Out the window, the ship-casino was bathed in blue lights. In the kitchen, Yulia skinned the carcass convulsively, tossing the fur onto an opened newspaper.
Oleg arrived at 9 o’clock. By that time Yulia had washed, made herself up again, and put on a red dress. She was a little unsteady from all she’d drunk, but Oleg didn’t notice.
He lifted his nose, inhaling the aroma of the roasted meat.
He slipped off his jacket, ran a handkerchief over his bald spot to wipe away the sweat, and as a final gesture smoothed his beard.
“What’s for supper?” he asked cheerfully, giving Yulia a pat on the cheek.
“R-rabbit,” she hiccupped.
“Excellent!” Oleg rubbed his hands and hurried into the kitchen. He sat down on a stool.
Yulia served him pieces and he ate it, crunching the bones and smiling contentedly, like a cat. The oil ran down his beard. Yulia sat across from him.

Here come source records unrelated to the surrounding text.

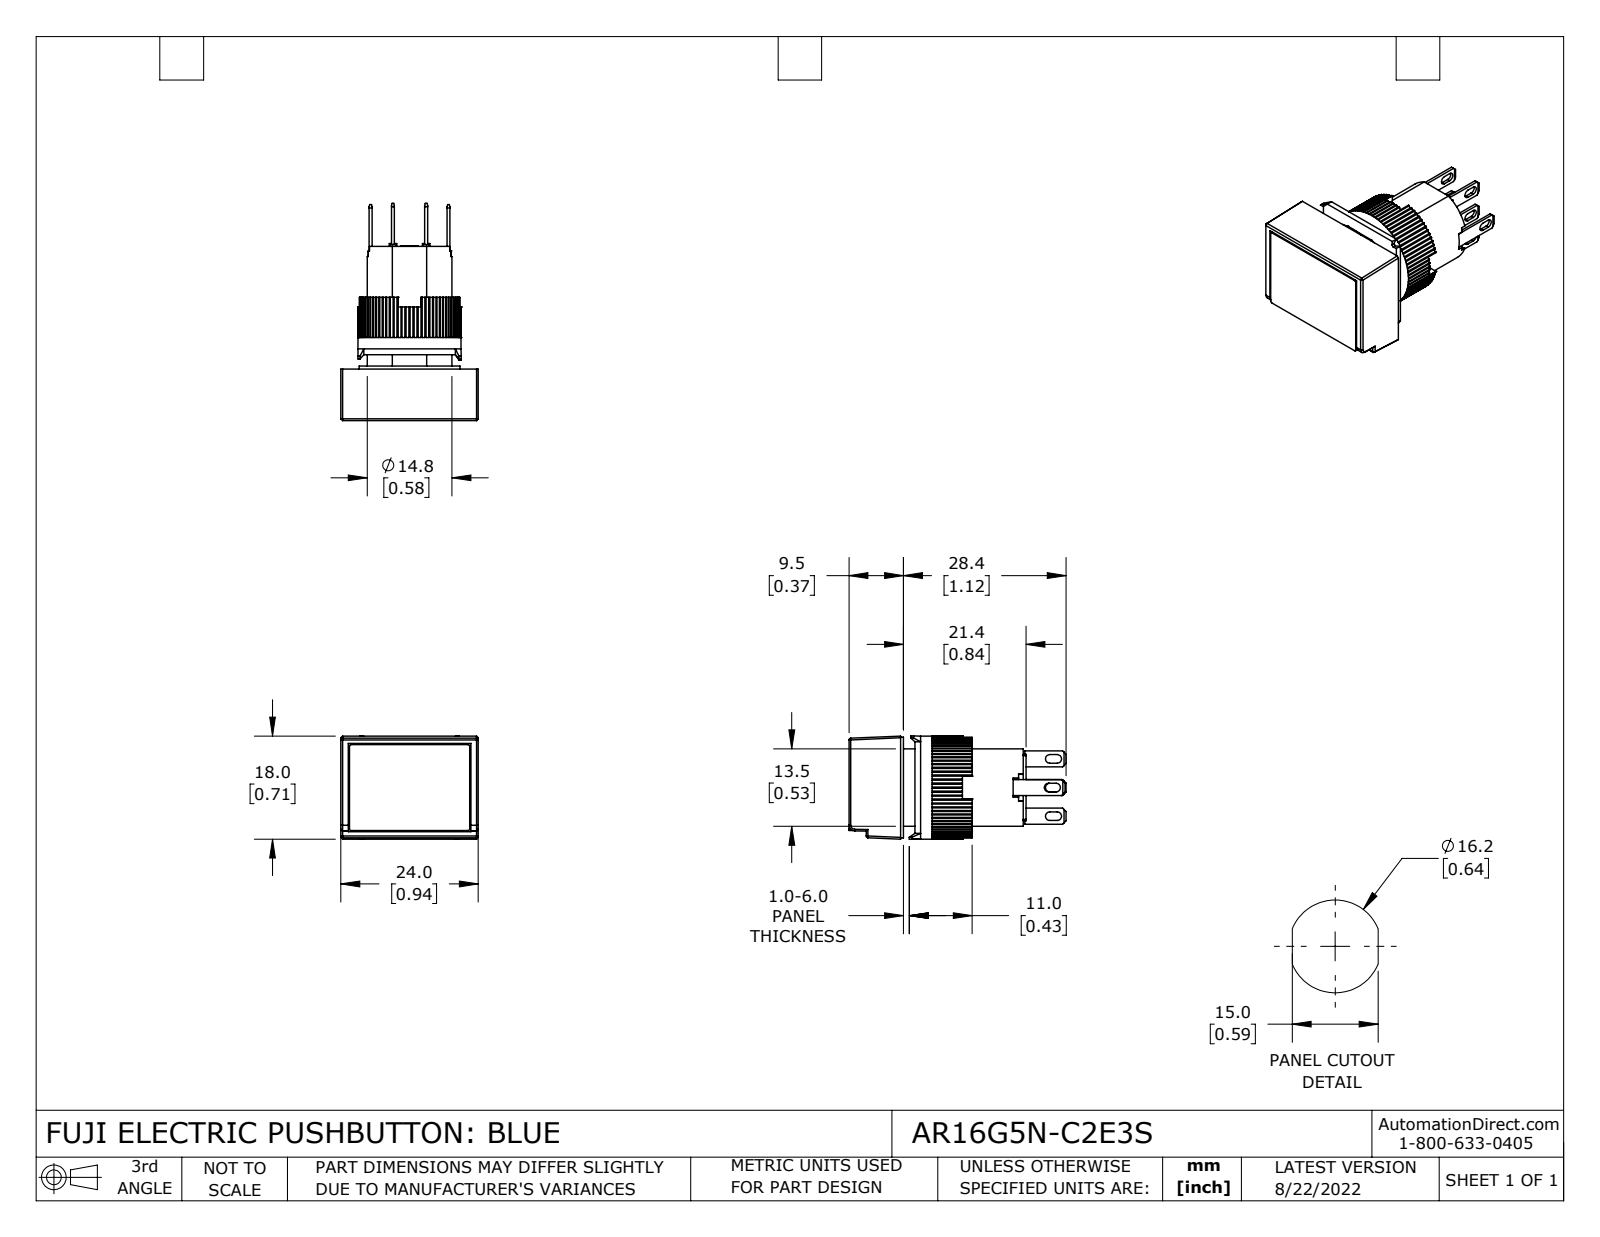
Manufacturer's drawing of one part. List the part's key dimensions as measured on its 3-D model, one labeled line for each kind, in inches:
Part name (STEP PRODUCT): AR16G5N-C2E3S
STEP written by: SolidWorks 2021 (CONFIG_CONTROL_DESIGN)
Units: inches
Bodies: 14 solids, 841 faces (654 planar, 181 cylindrical, 6 other)
Overall size (bounding box): 1.492 × 0.945 × 0.709
Volume: 0.448 in³ · Surface area: 9.503 in²
Round holes (diameter × count): ⌀0.543 ×1, ⌀0.583 ×1
Round bosses / shafts (diameter × count): ⌀0.709 ×1, ⌀0.693 ×1
Partial cylindrical surfaces — rounded edges, fillets, slot ends (radius × count): R0.01 ×80, R0.008 ×12, R0.03 ×8, R0.012 ×6, R0.039 ×1
Main face-to-face distances: 0.213, 0.354, 0.142, 0.35, 0.492, 0.138, 0.02, 0.843, 0.059, 0.453
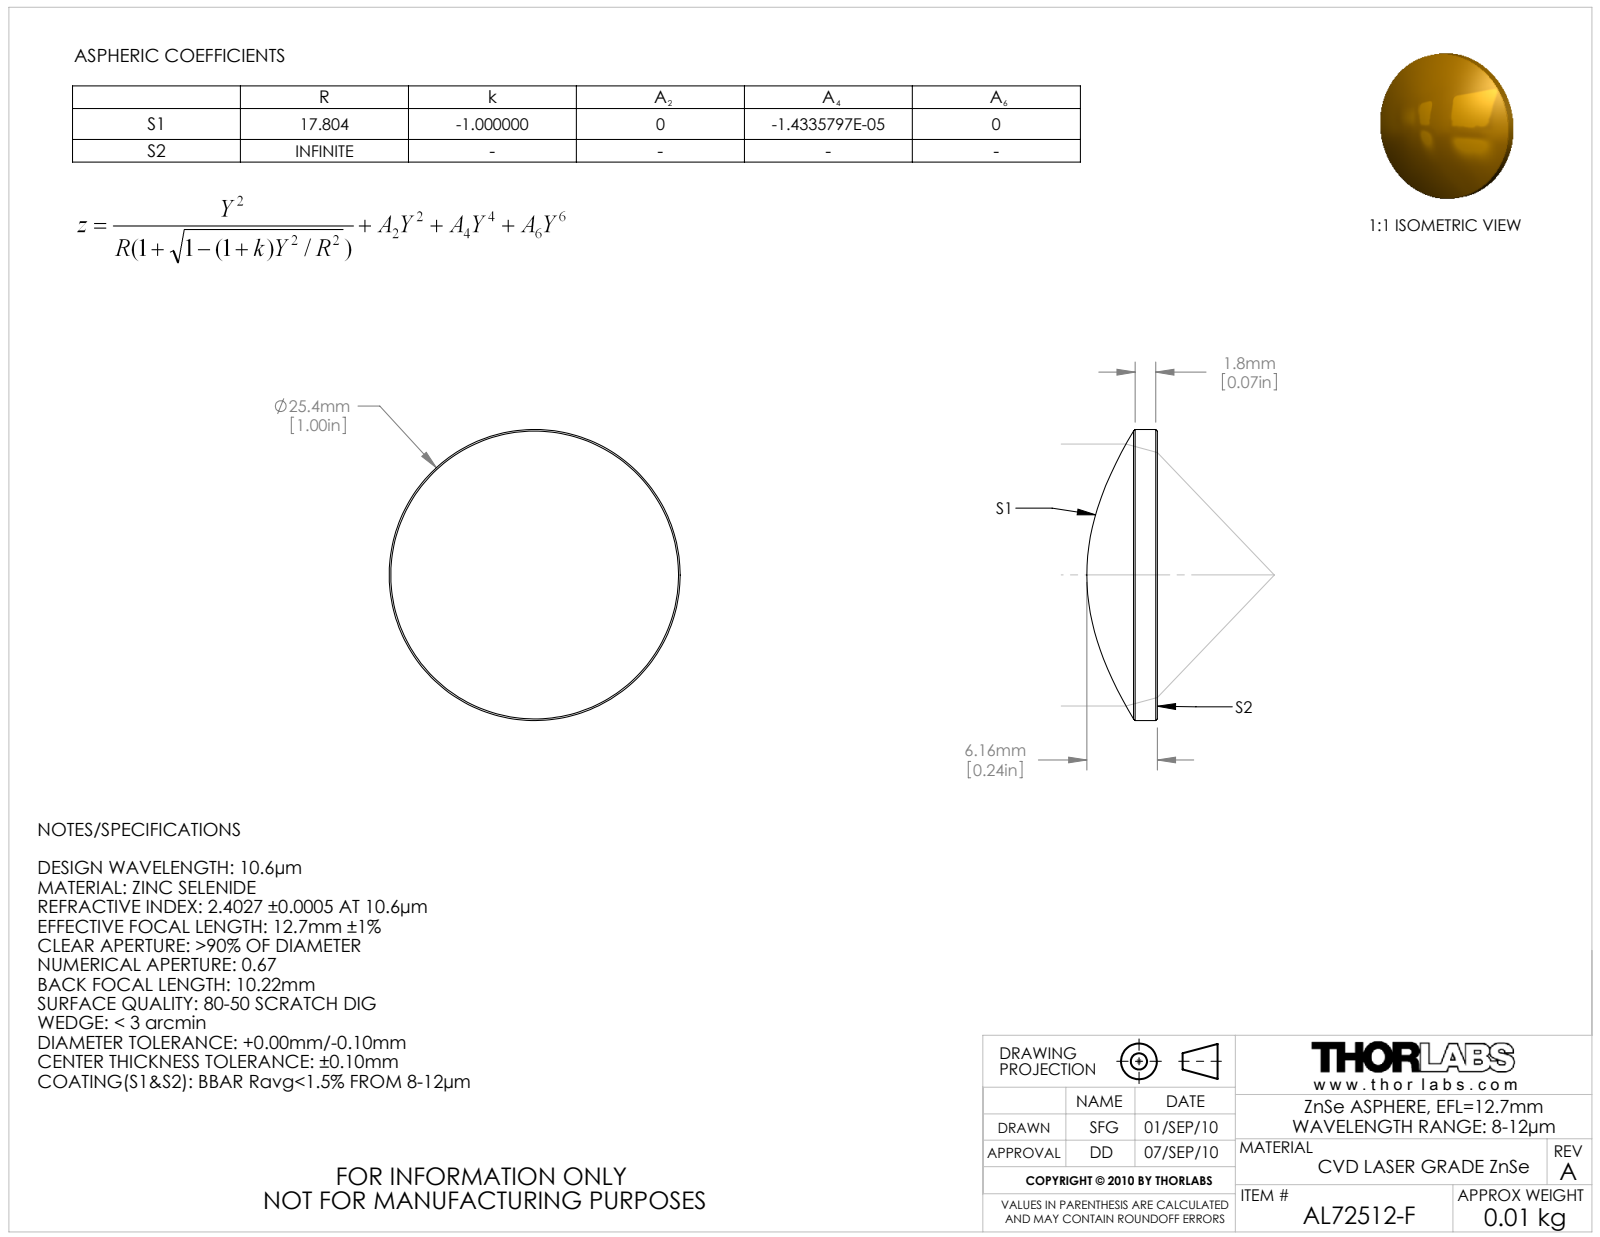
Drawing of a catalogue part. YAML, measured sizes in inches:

“Do you know which painting I sold?” he asked triumphantly, nodding at his briefcase.
“Which?”
“Rusty Evening!”
Yulia shuddered. Rusty Evening had been painted in blood. Oleg was so proud of his conceit—to create a painting two by two meters using only blood. He had bought syringes at the pharmacy and Yulia had given him blood in a skin ointment tube. It had made her head spin, but Oleg had been so pleased. “It’s all right,” he’d said. “You can take a break tomorrow. I have my mom and sister too.” His sister was all of twelve. Oleg was very proud of the fact that the picture had “virgin blood.” He drew human figures with it.

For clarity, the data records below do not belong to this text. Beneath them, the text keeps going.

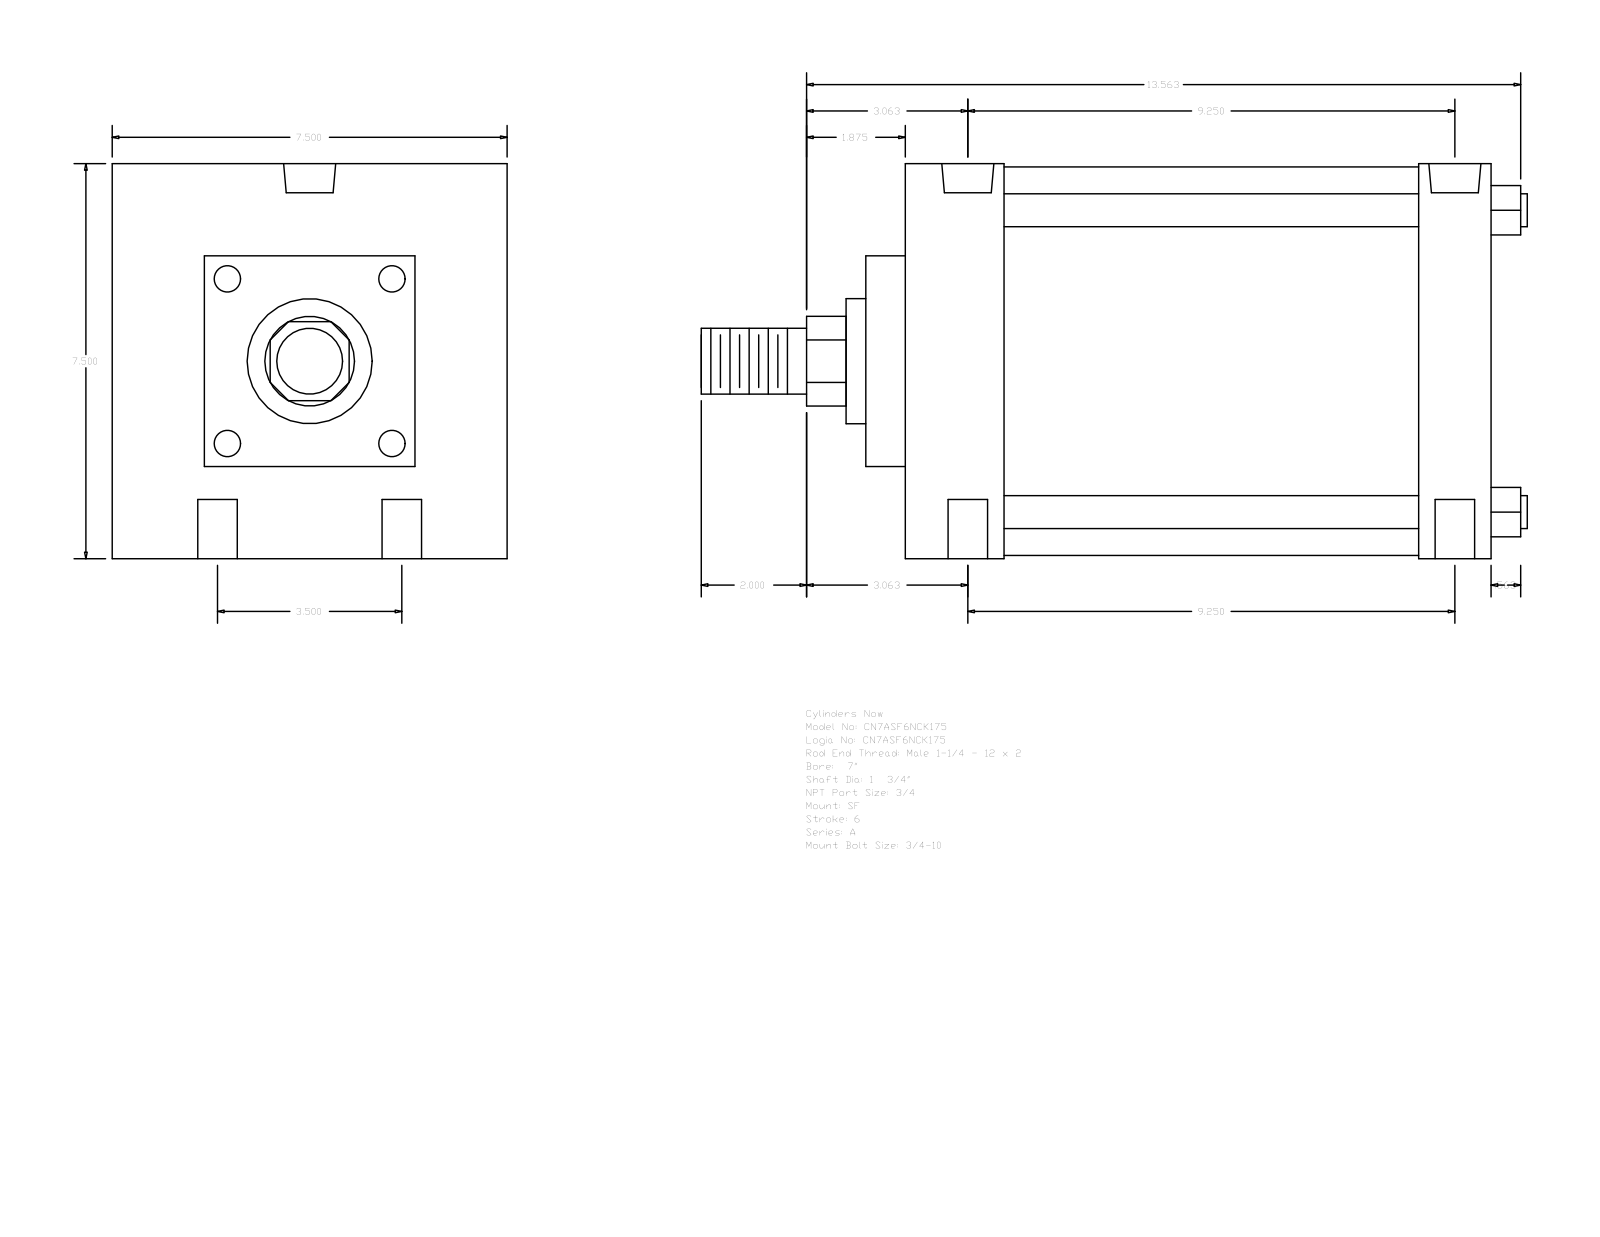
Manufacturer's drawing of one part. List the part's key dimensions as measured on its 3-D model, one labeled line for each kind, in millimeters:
Part name (STEP PRODUCT): A_SF__0700_1.75
STEP written by: GSSL Pune (CONFIG_CONTROL_DESIGN)
Units: millimetres
Bodies: 0 solids, 93 faces (67 planar, 26 cylindrical, 0 other)
Overall size (bounding box): 398.46 × 190.5 × 190.5
Round holes (diameter × count): ⌀19.05 ×4, ⌀15.08 ×2, ⌀25.12 ×2
Round bosses / shafts (diameter × count): ⌀15.88 ×4, ⌀187.32 ×1, ⌀60.33 ×1, ⌀44.45 ×1, ⌀31.75 ×1
Partial cylindrical surfaces — rounded edges, fillets, slot ends (radius × count): R21.63 ×1
Main face-to-face distances: 190.5, 282.58, 146.05, 19.05, 47.63, 247.65, 200.02, 234.95, 34.93, 44.45
Hole centre spacings: 44.45, 239.12, 234.95, 88.9, 251.21, 223.83

And now some “rich wuss,” as Oleg put it, had bought their blood.
“Listen,” Yulia groveled through her embarrassment, “since you got paid so well, can you lend me a little money?”
Oleg frowned. “I see,” he said nastily. “The female wiles are here. I know these crass women. They need money, not love.” He stood abruptly from the stool.
“No!” Yulia cried. “I’m not like that! I just… I just… They held back our pay. The crisis…”
“You have to be thriftier, Yulia,” Oleg preached, dropping back down on the stool. “Let this be a lesson to you. I can’t pay for your mistakes, understand? You have to save for a rainy day.”